> Exercise brief
Please go line by line through the material and copy each one containing the word "moldura".
::::
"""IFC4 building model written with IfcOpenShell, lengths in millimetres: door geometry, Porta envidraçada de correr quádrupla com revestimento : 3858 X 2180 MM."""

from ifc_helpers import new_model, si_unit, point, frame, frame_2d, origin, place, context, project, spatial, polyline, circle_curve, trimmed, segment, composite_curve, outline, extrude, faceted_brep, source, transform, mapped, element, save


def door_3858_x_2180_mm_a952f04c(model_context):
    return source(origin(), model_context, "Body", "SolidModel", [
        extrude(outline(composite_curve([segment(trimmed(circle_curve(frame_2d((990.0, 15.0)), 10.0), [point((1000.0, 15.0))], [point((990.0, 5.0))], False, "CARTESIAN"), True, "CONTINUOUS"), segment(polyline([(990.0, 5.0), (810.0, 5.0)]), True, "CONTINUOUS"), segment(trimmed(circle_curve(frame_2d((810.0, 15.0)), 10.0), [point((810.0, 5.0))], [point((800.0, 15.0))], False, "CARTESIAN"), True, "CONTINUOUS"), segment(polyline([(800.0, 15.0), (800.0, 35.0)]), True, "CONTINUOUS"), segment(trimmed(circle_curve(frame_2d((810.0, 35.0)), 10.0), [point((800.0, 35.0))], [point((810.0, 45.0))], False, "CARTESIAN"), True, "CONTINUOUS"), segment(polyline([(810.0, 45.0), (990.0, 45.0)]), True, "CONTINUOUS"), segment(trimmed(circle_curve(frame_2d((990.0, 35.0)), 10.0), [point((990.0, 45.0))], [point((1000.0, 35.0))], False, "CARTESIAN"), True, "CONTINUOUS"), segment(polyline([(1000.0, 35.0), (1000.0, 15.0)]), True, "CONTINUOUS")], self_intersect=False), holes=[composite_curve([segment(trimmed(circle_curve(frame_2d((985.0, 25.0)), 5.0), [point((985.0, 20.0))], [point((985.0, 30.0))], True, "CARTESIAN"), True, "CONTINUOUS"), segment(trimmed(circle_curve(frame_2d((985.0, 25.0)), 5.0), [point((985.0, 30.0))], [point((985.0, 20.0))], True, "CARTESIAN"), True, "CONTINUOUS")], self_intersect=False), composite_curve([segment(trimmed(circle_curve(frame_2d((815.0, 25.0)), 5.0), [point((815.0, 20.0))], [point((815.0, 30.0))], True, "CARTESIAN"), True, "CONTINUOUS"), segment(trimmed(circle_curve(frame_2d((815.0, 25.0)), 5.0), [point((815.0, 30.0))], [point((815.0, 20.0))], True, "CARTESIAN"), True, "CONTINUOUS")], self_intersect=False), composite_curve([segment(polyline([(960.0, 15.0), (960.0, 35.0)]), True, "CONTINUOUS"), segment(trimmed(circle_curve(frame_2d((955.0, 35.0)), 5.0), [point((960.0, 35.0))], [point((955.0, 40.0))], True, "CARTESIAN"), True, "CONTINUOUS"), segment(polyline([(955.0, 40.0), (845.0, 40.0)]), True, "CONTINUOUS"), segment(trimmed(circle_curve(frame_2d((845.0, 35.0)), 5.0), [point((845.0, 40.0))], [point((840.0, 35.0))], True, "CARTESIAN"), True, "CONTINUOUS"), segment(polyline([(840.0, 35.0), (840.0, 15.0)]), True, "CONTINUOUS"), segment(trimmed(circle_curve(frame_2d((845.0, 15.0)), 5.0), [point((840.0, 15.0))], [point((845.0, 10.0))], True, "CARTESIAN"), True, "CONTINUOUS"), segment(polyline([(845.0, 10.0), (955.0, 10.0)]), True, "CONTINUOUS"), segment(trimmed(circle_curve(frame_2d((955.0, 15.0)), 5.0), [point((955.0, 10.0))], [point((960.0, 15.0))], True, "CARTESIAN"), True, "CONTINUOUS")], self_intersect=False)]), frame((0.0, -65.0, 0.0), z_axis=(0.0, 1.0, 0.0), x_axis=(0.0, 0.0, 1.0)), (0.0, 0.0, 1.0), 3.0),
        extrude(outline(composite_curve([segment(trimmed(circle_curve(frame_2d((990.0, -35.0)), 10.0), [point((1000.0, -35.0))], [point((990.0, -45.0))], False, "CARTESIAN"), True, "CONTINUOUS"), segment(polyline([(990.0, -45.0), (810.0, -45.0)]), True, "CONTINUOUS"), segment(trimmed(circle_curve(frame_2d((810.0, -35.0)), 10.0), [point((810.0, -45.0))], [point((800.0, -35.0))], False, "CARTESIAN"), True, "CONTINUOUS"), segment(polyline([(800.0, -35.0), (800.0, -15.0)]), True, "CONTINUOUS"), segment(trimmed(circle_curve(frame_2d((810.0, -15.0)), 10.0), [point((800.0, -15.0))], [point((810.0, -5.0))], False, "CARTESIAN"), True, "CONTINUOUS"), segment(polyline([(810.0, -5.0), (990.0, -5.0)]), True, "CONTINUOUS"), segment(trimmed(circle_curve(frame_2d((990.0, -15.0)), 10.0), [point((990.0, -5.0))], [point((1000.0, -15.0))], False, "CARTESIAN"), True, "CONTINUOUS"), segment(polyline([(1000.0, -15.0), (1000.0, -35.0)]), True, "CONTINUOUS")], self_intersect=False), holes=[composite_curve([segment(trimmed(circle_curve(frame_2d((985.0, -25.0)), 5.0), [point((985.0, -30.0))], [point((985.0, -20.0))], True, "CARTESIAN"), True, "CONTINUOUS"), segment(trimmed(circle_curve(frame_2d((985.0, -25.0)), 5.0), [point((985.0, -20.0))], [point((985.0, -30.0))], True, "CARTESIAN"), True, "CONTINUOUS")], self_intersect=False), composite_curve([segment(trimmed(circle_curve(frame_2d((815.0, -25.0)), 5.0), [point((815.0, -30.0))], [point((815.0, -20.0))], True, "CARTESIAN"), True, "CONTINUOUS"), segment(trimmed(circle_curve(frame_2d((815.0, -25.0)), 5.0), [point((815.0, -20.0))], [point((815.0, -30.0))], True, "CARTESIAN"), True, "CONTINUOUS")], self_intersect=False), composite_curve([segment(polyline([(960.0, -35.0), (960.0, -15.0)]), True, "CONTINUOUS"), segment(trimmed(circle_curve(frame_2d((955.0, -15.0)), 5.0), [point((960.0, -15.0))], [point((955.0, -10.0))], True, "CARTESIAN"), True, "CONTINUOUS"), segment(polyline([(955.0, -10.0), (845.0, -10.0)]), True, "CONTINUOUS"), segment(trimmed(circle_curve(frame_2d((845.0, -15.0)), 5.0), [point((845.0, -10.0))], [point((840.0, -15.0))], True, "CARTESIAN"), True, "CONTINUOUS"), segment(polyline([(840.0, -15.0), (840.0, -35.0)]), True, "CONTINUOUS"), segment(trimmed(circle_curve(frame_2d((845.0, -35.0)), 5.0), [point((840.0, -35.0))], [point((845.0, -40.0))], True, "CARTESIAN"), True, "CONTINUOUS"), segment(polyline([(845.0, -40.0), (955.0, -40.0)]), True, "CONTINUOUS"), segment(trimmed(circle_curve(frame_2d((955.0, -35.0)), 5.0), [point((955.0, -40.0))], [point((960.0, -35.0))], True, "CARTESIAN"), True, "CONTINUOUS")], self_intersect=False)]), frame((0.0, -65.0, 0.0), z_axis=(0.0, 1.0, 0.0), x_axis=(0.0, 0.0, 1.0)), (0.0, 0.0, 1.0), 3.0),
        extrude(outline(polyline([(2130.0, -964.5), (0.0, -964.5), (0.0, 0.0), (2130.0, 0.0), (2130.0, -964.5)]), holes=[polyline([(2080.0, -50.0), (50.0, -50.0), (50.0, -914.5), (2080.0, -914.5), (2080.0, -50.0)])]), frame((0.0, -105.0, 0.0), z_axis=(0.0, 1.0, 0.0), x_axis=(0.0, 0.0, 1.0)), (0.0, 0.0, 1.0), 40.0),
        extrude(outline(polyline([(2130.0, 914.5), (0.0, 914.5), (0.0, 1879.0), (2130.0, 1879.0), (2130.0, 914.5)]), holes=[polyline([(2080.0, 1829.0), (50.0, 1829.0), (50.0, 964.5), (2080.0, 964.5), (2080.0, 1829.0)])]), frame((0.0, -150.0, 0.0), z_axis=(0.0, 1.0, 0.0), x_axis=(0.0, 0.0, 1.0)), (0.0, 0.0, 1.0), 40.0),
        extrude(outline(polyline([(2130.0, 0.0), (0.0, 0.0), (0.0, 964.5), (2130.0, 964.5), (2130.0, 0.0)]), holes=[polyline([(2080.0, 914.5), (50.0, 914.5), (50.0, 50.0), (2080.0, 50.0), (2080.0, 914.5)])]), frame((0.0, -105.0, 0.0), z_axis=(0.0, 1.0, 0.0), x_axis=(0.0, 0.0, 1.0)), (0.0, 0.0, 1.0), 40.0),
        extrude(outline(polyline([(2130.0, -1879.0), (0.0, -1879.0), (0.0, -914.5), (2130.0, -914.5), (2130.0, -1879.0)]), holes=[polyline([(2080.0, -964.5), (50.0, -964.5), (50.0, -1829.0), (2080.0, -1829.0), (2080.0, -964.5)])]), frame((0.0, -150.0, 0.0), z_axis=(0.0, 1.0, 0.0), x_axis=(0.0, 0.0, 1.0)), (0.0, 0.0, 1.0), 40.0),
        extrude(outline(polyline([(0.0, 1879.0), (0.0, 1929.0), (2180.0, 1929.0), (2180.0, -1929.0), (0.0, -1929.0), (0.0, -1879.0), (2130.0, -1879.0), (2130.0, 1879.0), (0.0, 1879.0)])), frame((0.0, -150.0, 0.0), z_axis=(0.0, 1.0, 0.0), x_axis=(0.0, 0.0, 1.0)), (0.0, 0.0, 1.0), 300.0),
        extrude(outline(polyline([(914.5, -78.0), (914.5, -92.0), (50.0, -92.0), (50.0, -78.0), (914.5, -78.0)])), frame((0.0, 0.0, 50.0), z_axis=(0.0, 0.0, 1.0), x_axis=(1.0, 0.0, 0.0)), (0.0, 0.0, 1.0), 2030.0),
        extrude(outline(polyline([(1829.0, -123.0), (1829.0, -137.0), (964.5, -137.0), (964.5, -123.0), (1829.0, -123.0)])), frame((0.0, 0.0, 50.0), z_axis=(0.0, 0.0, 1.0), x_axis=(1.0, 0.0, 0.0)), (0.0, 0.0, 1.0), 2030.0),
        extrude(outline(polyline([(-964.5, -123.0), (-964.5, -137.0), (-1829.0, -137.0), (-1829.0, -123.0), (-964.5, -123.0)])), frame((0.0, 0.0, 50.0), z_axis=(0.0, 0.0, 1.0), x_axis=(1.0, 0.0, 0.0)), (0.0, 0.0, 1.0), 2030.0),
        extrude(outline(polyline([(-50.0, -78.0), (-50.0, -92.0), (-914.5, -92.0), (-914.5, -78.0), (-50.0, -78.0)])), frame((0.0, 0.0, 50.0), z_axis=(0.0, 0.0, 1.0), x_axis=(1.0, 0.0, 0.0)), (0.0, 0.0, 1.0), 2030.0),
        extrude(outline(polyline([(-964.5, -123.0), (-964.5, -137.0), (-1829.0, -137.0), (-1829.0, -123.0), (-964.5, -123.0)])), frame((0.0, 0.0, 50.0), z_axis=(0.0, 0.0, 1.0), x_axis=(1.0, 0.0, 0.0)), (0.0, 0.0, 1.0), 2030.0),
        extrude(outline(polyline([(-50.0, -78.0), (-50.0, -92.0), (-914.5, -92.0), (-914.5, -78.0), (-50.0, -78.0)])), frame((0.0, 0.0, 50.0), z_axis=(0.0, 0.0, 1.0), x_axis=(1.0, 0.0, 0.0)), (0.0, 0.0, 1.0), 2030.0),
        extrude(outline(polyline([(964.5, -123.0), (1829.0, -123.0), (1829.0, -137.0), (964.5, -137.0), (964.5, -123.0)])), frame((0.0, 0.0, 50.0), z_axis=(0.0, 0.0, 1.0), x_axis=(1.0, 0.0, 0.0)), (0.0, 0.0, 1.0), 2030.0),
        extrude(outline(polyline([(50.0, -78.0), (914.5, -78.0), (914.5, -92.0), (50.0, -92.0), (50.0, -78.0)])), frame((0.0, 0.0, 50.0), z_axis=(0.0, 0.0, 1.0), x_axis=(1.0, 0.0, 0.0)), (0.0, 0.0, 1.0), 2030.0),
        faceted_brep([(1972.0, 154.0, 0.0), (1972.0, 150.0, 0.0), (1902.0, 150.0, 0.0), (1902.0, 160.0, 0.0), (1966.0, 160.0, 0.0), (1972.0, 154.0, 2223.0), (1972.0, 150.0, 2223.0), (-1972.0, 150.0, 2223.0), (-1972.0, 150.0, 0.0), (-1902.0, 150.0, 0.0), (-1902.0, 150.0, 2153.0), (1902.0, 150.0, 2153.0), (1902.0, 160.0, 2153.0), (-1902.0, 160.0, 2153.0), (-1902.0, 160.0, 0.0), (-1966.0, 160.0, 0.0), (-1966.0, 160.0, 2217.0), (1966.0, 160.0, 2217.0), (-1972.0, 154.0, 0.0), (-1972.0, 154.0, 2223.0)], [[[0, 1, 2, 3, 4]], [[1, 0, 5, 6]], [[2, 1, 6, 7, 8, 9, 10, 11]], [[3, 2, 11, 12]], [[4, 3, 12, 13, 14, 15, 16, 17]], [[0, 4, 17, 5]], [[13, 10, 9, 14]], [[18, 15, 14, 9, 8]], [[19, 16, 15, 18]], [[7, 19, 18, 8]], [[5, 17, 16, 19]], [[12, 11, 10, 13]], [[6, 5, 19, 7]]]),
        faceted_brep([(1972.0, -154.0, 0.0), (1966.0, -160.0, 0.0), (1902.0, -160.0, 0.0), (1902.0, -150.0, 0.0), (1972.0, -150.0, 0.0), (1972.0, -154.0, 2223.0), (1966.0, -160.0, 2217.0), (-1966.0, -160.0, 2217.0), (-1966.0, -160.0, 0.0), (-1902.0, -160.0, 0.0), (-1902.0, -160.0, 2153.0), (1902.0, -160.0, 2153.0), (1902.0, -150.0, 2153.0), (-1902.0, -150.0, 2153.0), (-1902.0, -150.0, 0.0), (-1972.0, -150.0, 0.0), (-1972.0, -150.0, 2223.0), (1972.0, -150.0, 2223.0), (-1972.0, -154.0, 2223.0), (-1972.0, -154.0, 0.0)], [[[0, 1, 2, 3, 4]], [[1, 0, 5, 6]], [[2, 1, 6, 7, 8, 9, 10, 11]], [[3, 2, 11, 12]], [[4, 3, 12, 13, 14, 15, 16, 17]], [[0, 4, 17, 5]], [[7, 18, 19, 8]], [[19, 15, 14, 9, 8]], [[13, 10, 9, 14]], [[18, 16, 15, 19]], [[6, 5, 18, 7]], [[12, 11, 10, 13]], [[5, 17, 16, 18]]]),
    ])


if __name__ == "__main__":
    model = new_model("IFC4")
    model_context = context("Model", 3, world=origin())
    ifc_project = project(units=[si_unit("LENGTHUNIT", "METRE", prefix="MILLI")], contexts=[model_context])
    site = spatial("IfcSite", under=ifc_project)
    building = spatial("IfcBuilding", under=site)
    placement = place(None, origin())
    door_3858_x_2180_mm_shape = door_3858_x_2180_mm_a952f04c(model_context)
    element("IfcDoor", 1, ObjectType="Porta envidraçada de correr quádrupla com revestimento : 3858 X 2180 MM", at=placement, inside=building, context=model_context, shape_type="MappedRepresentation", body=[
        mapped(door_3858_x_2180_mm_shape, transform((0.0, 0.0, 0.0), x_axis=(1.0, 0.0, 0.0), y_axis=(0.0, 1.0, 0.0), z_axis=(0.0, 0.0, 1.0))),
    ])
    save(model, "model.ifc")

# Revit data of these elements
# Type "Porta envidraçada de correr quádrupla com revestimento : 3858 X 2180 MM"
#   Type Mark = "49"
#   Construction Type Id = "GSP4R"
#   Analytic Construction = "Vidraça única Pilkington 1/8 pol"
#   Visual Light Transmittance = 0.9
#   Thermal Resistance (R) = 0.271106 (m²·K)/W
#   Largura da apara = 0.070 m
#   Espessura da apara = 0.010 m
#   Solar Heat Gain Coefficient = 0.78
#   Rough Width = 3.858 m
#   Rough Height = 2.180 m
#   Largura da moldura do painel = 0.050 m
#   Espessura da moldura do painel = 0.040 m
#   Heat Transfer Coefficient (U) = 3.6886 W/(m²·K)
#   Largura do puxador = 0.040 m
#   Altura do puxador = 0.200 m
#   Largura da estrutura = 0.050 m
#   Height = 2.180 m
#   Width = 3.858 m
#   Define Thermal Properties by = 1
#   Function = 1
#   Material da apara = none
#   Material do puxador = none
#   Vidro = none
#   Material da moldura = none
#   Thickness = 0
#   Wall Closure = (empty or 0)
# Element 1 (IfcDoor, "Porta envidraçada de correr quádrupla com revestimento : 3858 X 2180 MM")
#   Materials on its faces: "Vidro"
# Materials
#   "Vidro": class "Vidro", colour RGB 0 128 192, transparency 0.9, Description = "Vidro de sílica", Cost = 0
::::
> Exercise result
#   Largura da moldura do painel = 0.050 m
#   Espessura da moldura do painel = 0.040 m
#   Material da moldura = none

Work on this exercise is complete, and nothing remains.